* PROBLEM REQUIREMENTS *
Restate the records word for word. Include no pictures.

Excerpts from a dataset
--

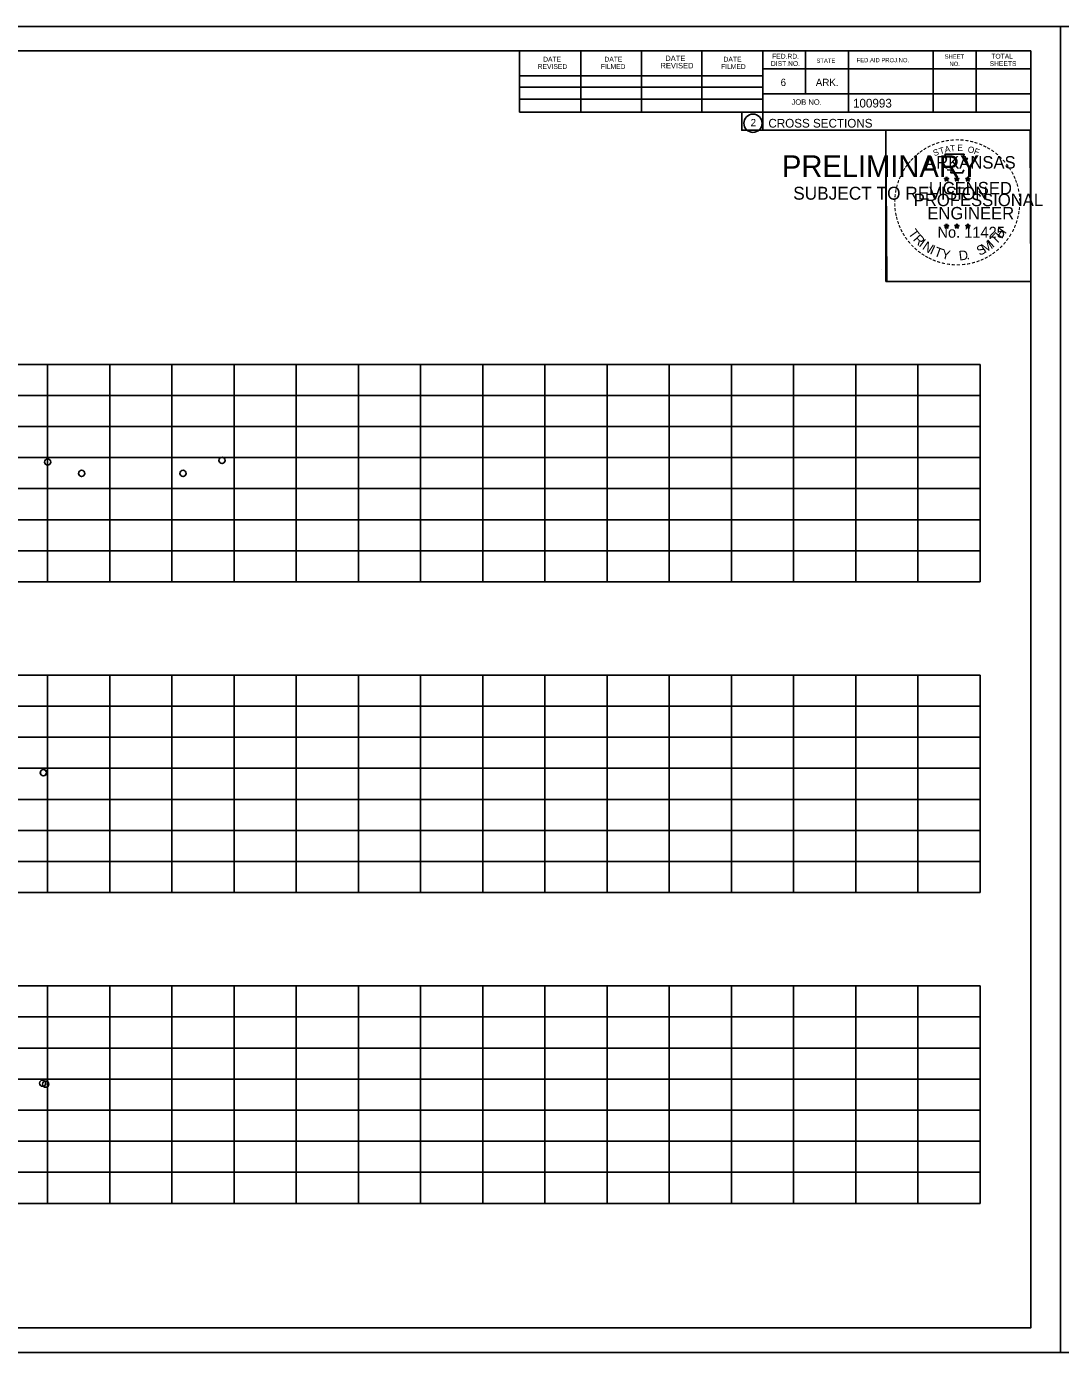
# Model space of a CAD drawing. Extents: x 4667 to 1632277, y -2100 to 724501.
# Drawn here: x 6136.1 to 6302.5, y -1963.8 to -1750.4 of the extents above; entities that cross this region are included whole.
import ezdxf

# ---------------------------------------------------------------- set-up
doc = ezdxf.new("R2010")
doc.units = 0
doc.layers.add('R_Grid', color=7, linetype='Continuous')
doc.layers.add('R_No Plot', color=7, linetype='Continuous')

msp = doc.modelspace()

# ---------------------------------------------------------------- linework, layer by layer
at = {"layer": 'R_Grid'}
for p, q in [((5989.52, -1804.78), (6289.52, -1804.78)), ((6139.52, -1839.78), (6139.52, -1804.78)), ((6149.52, -1839.78), (6149.52, -1804.78)), ((6159.52, -1839.78), (6159.52, -1804.78)), ((6169.52, -1839.78), (6169.52, -1804.78)), ((6179.52, -1839.78), (6179.52, -1804.78)), ((6189.52, -1839.78), (6189.52, -1804.78)), ((6199.52, -1839.78), (6199.52, -1804.78)), ((6209.52, -1839.78), (6209.52, -1804.78)), ((6219.52, -1839.78), (6219.52, -1804.78)), ((6229.52, -1839.78), (6229.52, -1804.78)), ((6239.52, -1839.78), (6239.52, -1804.78)), ((6249.52, -1839.78), (6249.52, -1804.78)), ((6259.52, -1839.78), (6259.52, -1804.78)), ((6269.52, -1839.78), (6269.52, -1804.78)), ((6279.52, -1839.78), (6279.52, -1804.78)), ((6289.52, -1839.78), (6289.52, -1804.78)), ((5989.52, -1809.78), (6289.52, -1809.78)), ((5989.52, -1814.78), (6289.52, -1814.78)), ((5989.52, -1819.78), (6289.52, -1819.78)), ((5989.52, -1824.78), (6289.52, -1824.78)), ((5989.52, -1829.78), (6289.52, -1829.78)), ((5989.52, -1834.78), (6289.52, -1834.78)), ((5989.52, -1839.78), (6289.52, -1839.78)), ((5989.52, -1854.78), (6289.52, -1854.78)), ((6139.52, -1889.78), (6139.52, -1854.78)), ((6149.52, -1889.78), (6149.52, -1854.78)), ((6159.52, -1889.78), (6159.52, -1854.78)), ((6169.52, -1889.78), (6169.52, -1854.78)), ((6179.52, -1889.78), (6179.52, -1854.78)), ((6189.52, -1889.78), (6189.52, -1854.78)), ((6199.52, -1889.78), (6199.52, -1854.78)), ((6209.52, -1889.78), (6209.52, -1854.78)), ((6219.52, -1889.78), (6219.52, -1854.78)), ((6229.52, -1889.78), (6229.52, -1854.78)), ((6239.52, -1889.78), (6239.52, -1854.78)), ((6249.52, -1889.78), (6249.52, -1854.78)), ((6259.52, -1889.78), (6259.52, -1854.78)), ((6269.52, -1889.78), (6269.52, -1854.78)), ((6279.52, -1889.78), (6279.52, -1854.78)), ((6289.52, -1889.78), (6289.52, -1854.78)), ((5989.52, -1859.78), (6289.52, -1859.78)), ((5989.52, -1864.78), (6289.52, -1864.78)), ((5989.52, -1869.78), (6289.52, -1869.78)), ((5989.52, -1874.78), (6289.52, -1874.78)), ((5989.52, -1879.78), (6289.52, -1879.78)), ((5989.52, -1884.78), (6289.52, -1884.78)), ((5989.52, -1889.78), (6289.52, -1889.78)), ((5989.52, -1904.78), (6289.52, -1904.78)), ((6139.52, -1939.78), (6139.52, -1904.78)), ((6149.52, -1939.78), (6149.52, -1904.78)), ((6159.52, -1939.78), (6159.52, -1904.78)), ((6169.52, -1939.78), (6169.52, -1904.78)), ((6179.52, -1939.78), (6179.52, -1904.78)), ((6189.52, -1939.78), (6189.52, -1904.78)), ((6199.52, -1939.78), (6199.52, -1904.78)), ((6209.52, -1939.78), (6209.52, -1904.78)), ((6219.52, -1939.78), (6219.52, -1904.78)), ((6229.52, -1939.78), (6229.52, -1904.78)), ((6239.52, -1939.78), (6239.52, -1904.78)), ((6249.52, -1939.78), (6249.52, -1904.78)), ((6259.52, -1939.78), (6259.52, -1904.78)), ((6269.52, -1939.78), (6269.52, -1904.78)), ((6279.52, -1939.78), (6279.52, -1904.78)), ((6289.52, -1939.78), (6289.52, -1904.78)), ((5989.52, -1909.78), (6289.52, -1909.78)), ((5989.52, -1914.78), (6289.52, -1914.78)), ((5989.52, -1919.78), (6289.52, -1919.78)), ((5989.52, -1924.78), (6289.52, -1924.78)), ((5989.52, -1929.78), (6289.52, -1929.78)), ((5989.52, -1934.78), (6289.52, -1934.78)), ((5989.52, -1939.78), (6289.52, -1939.78))]:
    msp.add_line(p, q, dxfattribs=at)
at = {"layer": 'R_No Plot'}
for p, q in [((5969.12, -1750.43), (6302.46, -1750.43)), ((5981.52, -1754.32), (6297.7, -1754.32)), ((6215.44, -1764.2), (6215.44, -1754.32)), ((6225.3, -1764.2), (6225.3, -1754.52)), ((6235.06, -1764.2), (6235.06, -1754.52)), ((6244.74, -1764.2), (6244.74, -1754.52)), ((6254.6, -1754.32), (6254.6, -1767.12)), ((6261.44, -1754.32), (6261.44, -1761.26)), ((6268.38, -1754.32), (6268.38, -1764.2)), ((6281.96, -1754.32), (6281.96, -1764.2)), ((6288.9, -1754.32), (6288.9, -1764.2)), ((6297.7, -1959.78), (6297.7, -1754.32)), ((6297.7, -1757.26), (6254.6, -1757.26)), ((6297.7, -1757.24), (6297.7, -1757.24)), ((6215.44, -1758.34), (6254.6, -1758.34)), ((6215.44, -1760.2), (6254.6, -1760.2)), ((6215.44, -1764.2), (6215.44, -1762.14)), ((6215.44, -1762.14), (6254.6, -1762.14)), ((6297.7, -1761.26), (6254.6, -1761.26)), ((6257.56, -1761.26), (6297.7, -1761.26)), ((6297.7, -1764.2), (6215.44, -1764.2)), ((6254.6, -1767.12), (6297.7, -1767.12)), ((6283.79, -1774.87), (6284.14, -1774.98)), ((6283.79, -1774.87), (6284.04, -1774.91)), ((6283.79, -1774.87), (6284.03, -1774.99)), ((6284.14, -1774.61), (6284.1, -1774.87)), ((6284.14, -1774.98), (6284.14, -1774.61)), ((6284.14, -1774.61), (6284.19, -1774.86)), ((6284.49, -1774.87), (6284.14, -1774.98)), ((6284.49, -1774.87), (6284.2, -1774.92)), ((6284.49, -1774.87), (6284.28, -1774.97)), ((6285.46, -1774.87), (6285.81, -1774.98)), ((6285.46, -1774.87), (6285.71, -1774.91)), ((6285.46, -1774.87), (6285.7, -1774.99)), ((6285.81, -1774.61), (6285.77, -1774.87)), ((6285.81, -1774.98), (6285.81, -1774.61)), ((6285.81, -1774.61), (6285.86, -1774.86)), ((6286.16, -1774.87), (6285.81, -1774.98)), ((6286.16, -1774.87), (6285.87, -1774.92)), ((6286.16, -1774.87), (6285.95, -1774.97)), ((6287.22, -1774.88), (6287.57, -1774.99)), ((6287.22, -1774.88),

--

* SOLUTION TO THIS PROBLEM *
# Model space of a CAD drawing. Extents: x 4667 to 1632277, y -2100 to 724501.
# Drawn here: x 6136.1 to 6302.5, y -1963.8 to -1750.4 of the extents above; entities that cross this region are included whole.
import ezdxf

# ---------------------------------------------------------------- set-up
doc = ezdxf.new("R2010")
doc.units = 0
doc.layers.add('R_Grid', color=7, linetype='Continuous')
doc.layers.add('R_No Plot', color=7, linetype='Continuous')

msp = doc.modelspace()

# ---------------------------------------------------------------- linework, layer by layer
at = {"layer": 'R_Grid'}
for p, q in [((5989.52, -1804.78), (6289.52, -1804.78)), ((6139.52, -1839.78), (6139.52, -1804.78)), ((6149.52, -1839.78), (6149.52, -1804.78)), ((6159.52, -1839.78), (6159.52, -1804.78)), ((6169.52, -1839.78), (6169.52, -1804.78)), ((6179.52, -1839.78), (6179.52, -1804.78)), ((6189.52, -1839.78), (6189.52, -1804.78)), ((6199.52, -1839.78), (6199.52, -1804.78)), ((6209.52, -1839.78), (6209.52, -1804.78)), ((6219.52, -1839.78), (6219.52, -1804.78)), ((6229.52, -1839.78), (6229.52, -1804.78)), ((6239.52, -1839.78), (6239.52, -1804.78)), ((6249.52, -1839.78), (6249.52, -1804.78)), ((6259.52, -1839.78), (6259.52, -1804.78)), ((6269.52, -1839.78), (6269.52, -1804.78)), ((6279.52, -1839.78), (6279.52, -1804.78)), ((6289.52, -1839.78), (6289.52, -1804.78)), ((5989.52, -1809.78), (6289.52, -1809.78)), ((5989.52, -1814.78), (6289.52, -1814.78)), ((5989.52, -1819.78), (6289.52, -1819.78)), ((5989.52, -1824.78), (6289.52, -1824.78)), ((5989.52, -1829.78), (6289.52, -1829.78)), ((5989.52, -1834.78), (6289.52, -1834.78)), ((5989.52, -1839.78), (6289.52, -1839.78)), ((5989.52, -1854.78), (6289.52, -1854.78)), ((6139.52, -1889.78), (6139.52, -1854.78)), ((6149.52, -1889.78), (6149.52, -1854.78)), ((6159.52, -1889.78), (6159.52, -1854.78)), ((6169.52, -1889.78), (6169.52, -1854.78)), ((6179.52, -1889.78), (6179.52, -1854.78)), ((6189.52, -1889.78), (6189.52, -1854.78)), ((6199.52, -1889.78), (6199.52, -1854.78)), ((6209.52, -1889.78), (6209.52, -1854.78)), ((6219.52, -1889.78), (6219.52, -1854.78)), ((6229.52, -1889.78), (6229.52, -1854.78)), ((6239.52, -1889.78), (6239.52, -1854.78)), ((6249.52, -1889.78), (6249.52, -1854.78)), ((6259.52, -1889.78), (6259.52, -1854.78)), ((6269.52, -1889.78), (6269.52, -1854.78)), ((6279.52, -1889.78), (6279.52, -1854.78)), ((6289.52, -1889.78), (6289.52, -1854.78)), ((5989.52, -1859.78), (6289.52, -1859.78)), ((5989.52, -1864.78), (6289.52, -1864.78)), ((5989.52, -1869.78), (6289.52, -1869.78)), ((5989.52, -1874.78), (6289.52, -1874.78)), ((5989.52, -1879.78), (6289.52, -1879.78)), ((5989.52, -1884.78), (6289.52, -1884.78)), ((5989.52, -1889.78), (6289.52, -1889.78)), ((5989.52, -1904.78), (6289.52, -1904.78)), ((6139.52, -1939.78), (6139.52, -1904.78)), ((6149.52, -1939.78), (6149.52, -1904.78)), ((6159.52, -1939.78), (6159.52, -1904.78)), ((6169.52, -1939.78), (6169.52, -1904.78)), ((6179.52, -1939.78), (6179.52, -1904.78)), ((6189.52, -1939.78), (6189.52, -1904.78)), ((6199.52, -1939.78), (6199.52, -1904.78)), ((6209.52, -1939.78), (6209.52, -1904.78)), ((6219.52, -1939.78), (6219.52, -1904.78)), ((6229.52, -1939.78), (6229.52, -1904.78)), ((6239.52, -1939.78), (6239.52, -1904.78)), ((6249.52, -1939.78), (6249.52, -1904.78)), ((6259.52, -1939.78), (6259.52, -1904.78)), ((6269.52, -1939.78), (6269.52, -1904.78)), ((6279.52, -1939.78), (6279.52, -1904.78)), ((6289.52, -1939.78), (6289.52, -1904.78)), ((5989.52, -1909.78), (6289.52, -1909.78)), ((5989.52, -1914.78), (6289.52, -1914.78)), ((5989.52, -1919.78), (6289.52, -1919.78)), ((5989.52, -1924.78), (6289.52, -1924.78)), ((5989.52, -1929.78), (6289.52, -1929.78)), ((5989.52, -1934.78), (6289.52, -1934.78)), ((5989.52, -1939.78), (6289.52, -1939.78))]:
    msp.add_line(p, q, dxfattribs=at)
at = {"layer": 'R_No Plot'}
for p, q in [((5969.12, -1750.43), (6302.46, -1750.43)), ((5981.52, -1754.32), (6297.7, -1754.32)), ((6215.44, -1764.2), (6215.44, -1754.32)), ((6225.3, -1764.2), (6225.3, -1754.52)), ((6235.06, -1764.2), (6235.06, -1754.52)), ((6244.74, -1764.2), (6244.74, -1754.52)), ((6254.6, -1754.32), (6254.6, -1767.12)), ((6261.44, -1754.32), (6261.44, -1761.26)), ((6268.38, -1754.32), (6268.38, -1764.2)), ((6281.96, -1754.32), (6281.96, -1764.2)), ((6288.9, -1754.32), (6288.9, -1764.2)), ((6297.7, -1959.78), (6297.7, -1754.32)), ((6297.7, -1757.26), (6254.6, -1757.26)), ((6297.7, -1757.24), (6297.7, -1757.24)), ((6215.44, -1758.34), (6254.6, -1758.34)), ((6215.44, -1760.2), (6254.6, -1760.2)), ((6215.44, -1764.2), (6215.44, -1762.14)), ((6215.44, -1762.14), (6254.6, -1762.14)), ((6297.7, -1761.26), (6254.6, -1761.26)), ((6257.56, -1761.26), (6297.7, -1761.26)), ((6297.7, -1764.2), (6215.44, -1764.2)), ((6254.6, -1767.12), (6297.7, -1767.12)), ((6283.79, -1774.87), (6284.14, -1774.98)), ((6283.79, -1774.87), (6284.04, -1774.91)), ((6283.79, -1774.87), (6284.03, -1774.99)), ((6284.14, -1774.61), (6284.1, -1774.87)), ((6284.14, -1774.98), (6284.14, -1774.61)), ((6284.14, -1774.61), (6284.19, -1774.86)), ((6284.49, -1774.87), (6284.14, -1774.98)), ((6284.49, -1774.87), (6284.2, -1774.92)), ((6284.49, -1774.87), (6284.28, -1774.97)), ((6285.46, -1774.87), (6285.81, -1774.98)), ((6285.46, -1774.87), (6285.71, -1774.91)), ((6285.46, -1774.87), (6285.7, -1774.99)), ((6285.81, -1774.61), (6285.77, -1774.87)), ((6285.81, -1774.98), (6285.81, -1774.61)), ((6285.81, -1774.61), (6285.86, -1774.86)), ((6286.16, -1774.87), (6285.81, -1774.98)), ((6286.16, -1774.87), (6285.87, -1774.92)), ((6286.16, -1774.87), (6285.95, -1774.97)), ((6287.22, -1774.88), (6287.57, -1774.99)), ((6287.22, -1774.88),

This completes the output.